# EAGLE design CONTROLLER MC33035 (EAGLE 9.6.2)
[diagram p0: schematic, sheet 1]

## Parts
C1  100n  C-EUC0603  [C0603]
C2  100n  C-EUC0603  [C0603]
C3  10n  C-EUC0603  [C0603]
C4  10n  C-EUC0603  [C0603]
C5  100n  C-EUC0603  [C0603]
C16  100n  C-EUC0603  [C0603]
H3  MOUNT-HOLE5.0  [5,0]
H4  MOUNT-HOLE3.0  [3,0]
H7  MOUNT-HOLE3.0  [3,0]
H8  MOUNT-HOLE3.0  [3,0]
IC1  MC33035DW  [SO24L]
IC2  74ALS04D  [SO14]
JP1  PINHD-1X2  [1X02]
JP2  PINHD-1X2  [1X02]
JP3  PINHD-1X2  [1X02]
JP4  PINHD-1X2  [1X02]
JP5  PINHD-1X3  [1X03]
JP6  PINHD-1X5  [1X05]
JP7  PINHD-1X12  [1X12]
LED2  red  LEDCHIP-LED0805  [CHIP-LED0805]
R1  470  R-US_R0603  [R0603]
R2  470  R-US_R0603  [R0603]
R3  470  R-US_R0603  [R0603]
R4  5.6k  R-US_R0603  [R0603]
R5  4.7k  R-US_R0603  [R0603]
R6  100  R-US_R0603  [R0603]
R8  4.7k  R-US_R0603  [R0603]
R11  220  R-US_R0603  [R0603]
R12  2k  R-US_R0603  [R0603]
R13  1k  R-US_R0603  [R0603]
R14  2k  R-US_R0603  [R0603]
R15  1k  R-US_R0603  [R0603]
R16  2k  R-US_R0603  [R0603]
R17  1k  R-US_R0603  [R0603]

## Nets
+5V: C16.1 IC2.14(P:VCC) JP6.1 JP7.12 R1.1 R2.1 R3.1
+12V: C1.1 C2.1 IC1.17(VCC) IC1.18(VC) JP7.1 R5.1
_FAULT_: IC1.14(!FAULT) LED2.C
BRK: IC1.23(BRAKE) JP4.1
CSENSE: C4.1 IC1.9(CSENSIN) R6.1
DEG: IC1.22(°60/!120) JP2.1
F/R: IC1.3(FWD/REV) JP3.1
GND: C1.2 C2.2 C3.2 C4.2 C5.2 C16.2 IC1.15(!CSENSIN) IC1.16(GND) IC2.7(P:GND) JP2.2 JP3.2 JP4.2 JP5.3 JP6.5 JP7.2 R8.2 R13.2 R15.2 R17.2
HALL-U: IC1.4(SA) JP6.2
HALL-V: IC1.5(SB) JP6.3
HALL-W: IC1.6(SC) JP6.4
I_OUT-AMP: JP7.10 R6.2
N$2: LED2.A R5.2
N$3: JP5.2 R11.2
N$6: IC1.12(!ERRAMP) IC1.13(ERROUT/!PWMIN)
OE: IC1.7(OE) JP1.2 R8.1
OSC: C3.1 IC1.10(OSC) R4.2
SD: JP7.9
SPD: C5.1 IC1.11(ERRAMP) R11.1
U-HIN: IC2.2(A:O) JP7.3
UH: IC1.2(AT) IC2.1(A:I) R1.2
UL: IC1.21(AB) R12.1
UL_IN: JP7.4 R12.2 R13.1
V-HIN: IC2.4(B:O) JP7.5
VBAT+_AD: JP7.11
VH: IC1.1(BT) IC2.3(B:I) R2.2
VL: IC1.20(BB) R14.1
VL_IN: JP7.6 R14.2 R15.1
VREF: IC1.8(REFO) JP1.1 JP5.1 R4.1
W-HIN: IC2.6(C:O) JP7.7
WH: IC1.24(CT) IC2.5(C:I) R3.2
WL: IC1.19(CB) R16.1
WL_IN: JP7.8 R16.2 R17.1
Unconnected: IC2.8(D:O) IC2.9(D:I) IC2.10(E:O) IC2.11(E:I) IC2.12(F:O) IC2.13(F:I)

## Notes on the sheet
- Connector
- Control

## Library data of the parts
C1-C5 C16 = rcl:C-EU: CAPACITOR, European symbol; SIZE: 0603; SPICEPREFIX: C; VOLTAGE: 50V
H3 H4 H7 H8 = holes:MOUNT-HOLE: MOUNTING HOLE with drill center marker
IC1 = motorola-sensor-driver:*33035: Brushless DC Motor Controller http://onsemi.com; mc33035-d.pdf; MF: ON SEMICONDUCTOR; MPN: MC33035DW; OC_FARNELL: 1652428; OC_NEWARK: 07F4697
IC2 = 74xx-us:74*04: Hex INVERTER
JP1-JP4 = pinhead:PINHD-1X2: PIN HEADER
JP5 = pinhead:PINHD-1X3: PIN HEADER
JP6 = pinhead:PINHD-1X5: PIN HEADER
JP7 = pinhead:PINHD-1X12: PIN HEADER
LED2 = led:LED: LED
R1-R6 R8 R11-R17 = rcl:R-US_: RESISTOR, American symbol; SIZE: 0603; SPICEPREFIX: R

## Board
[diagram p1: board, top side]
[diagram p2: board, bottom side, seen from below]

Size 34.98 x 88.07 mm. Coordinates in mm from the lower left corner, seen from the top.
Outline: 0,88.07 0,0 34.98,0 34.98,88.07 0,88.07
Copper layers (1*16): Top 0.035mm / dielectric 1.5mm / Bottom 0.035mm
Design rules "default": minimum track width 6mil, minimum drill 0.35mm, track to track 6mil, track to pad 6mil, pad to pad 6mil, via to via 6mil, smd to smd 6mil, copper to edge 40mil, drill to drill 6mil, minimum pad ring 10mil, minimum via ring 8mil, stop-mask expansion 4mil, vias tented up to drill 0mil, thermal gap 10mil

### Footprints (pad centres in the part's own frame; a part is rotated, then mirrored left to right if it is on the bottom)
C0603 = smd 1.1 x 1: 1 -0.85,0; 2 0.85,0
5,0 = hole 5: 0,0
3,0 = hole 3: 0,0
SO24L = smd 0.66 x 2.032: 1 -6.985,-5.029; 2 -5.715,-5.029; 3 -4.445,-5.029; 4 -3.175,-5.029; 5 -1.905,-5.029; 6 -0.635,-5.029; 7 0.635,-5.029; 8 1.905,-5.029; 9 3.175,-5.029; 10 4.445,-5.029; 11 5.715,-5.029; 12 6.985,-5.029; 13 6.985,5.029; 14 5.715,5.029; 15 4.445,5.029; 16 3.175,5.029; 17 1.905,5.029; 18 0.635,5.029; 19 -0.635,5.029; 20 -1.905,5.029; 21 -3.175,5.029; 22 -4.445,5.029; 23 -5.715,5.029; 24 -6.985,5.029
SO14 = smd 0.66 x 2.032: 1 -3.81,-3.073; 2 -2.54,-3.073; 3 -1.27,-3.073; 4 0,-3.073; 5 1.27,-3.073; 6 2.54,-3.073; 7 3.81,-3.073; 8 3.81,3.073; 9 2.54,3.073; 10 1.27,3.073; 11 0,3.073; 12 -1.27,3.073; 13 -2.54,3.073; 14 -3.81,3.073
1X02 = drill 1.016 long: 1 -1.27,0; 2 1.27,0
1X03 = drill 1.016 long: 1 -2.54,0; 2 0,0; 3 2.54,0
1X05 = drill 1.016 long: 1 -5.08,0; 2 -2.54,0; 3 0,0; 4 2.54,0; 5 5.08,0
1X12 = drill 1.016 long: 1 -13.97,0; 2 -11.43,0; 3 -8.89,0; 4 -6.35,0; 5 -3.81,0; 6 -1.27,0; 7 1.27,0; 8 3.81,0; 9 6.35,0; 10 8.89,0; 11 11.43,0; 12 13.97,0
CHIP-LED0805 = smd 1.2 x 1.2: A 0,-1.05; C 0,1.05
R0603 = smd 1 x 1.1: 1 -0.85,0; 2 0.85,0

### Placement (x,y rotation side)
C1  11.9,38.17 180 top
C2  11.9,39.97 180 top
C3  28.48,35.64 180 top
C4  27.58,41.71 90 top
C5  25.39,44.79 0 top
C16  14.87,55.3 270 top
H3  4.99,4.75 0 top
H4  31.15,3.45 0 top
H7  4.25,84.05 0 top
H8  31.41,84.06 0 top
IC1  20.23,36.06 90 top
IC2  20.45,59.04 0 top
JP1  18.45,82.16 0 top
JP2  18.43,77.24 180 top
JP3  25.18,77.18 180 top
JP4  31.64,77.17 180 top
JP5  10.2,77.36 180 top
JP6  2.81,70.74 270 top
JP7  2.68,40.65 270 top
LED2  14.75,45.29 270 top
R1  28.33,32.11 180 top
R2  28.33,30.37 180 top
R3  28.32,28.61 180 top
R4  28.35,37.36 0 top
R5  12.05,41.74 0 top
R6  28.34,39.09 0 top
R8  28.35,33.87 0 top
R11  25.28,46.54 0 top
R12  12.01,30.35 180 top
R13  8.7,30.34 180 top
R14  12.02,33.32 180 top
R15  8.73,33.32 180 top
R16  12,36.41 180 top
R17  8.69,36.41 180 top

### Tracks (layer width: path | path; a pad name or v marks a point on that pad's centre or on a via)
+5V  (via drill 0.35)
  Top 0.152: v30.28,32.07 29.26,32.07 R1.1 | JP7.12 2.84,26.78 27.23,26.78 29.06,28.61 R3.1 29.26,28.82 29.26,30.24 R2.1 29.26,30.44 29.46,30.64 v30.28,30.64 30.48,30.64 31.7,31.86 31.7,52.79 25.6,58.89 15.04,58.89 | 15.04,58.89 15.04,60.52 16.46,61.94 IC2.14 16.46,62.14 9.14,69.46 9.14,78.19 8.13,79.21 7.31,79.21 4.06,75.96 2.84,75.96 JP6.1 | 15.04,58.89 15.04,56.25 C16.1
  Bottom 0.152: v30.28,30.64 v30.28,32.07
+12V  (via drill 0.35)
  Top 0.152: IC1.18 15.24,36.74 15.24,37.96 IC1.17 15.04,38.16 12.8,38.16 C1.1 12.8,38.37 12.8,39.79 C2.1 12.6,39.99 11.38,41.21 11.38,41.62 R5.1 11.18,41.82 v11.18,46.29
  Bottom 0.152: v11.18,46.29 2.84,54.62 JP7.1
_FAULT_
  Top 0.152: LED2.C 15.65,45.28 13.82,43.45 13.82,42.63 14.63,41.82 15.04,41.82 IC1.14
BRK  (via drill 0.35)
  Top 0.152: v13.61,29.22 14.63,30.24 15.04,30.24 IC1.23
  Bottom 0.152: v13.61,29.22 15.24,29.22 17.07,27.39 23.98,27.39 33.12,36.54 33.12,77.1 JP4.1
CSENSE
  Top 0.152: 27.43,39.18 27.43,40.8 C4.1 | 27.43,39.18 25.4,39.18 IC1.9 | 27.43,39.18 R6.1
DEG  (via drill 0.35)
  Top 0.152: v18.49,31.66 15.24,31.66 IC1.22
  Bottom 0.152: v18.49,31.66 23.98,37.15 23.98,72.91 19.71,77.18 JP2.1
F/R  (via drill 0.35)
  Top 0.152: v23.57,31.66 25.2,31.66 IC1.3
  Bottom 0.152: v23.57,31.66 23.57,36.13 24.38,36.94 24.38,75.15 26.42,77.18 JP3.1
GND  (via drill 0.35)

------------------------------

Work to be completed: Only lines that hold the string "HALL" belong in the answer, so copy every one of them from the records.

Solution:
HALL-U: IC1.4(SA) JP6.2
HALL-V: IC1.5(SB) JP6.3
HALL-W: IC1.6(SC) JP6.4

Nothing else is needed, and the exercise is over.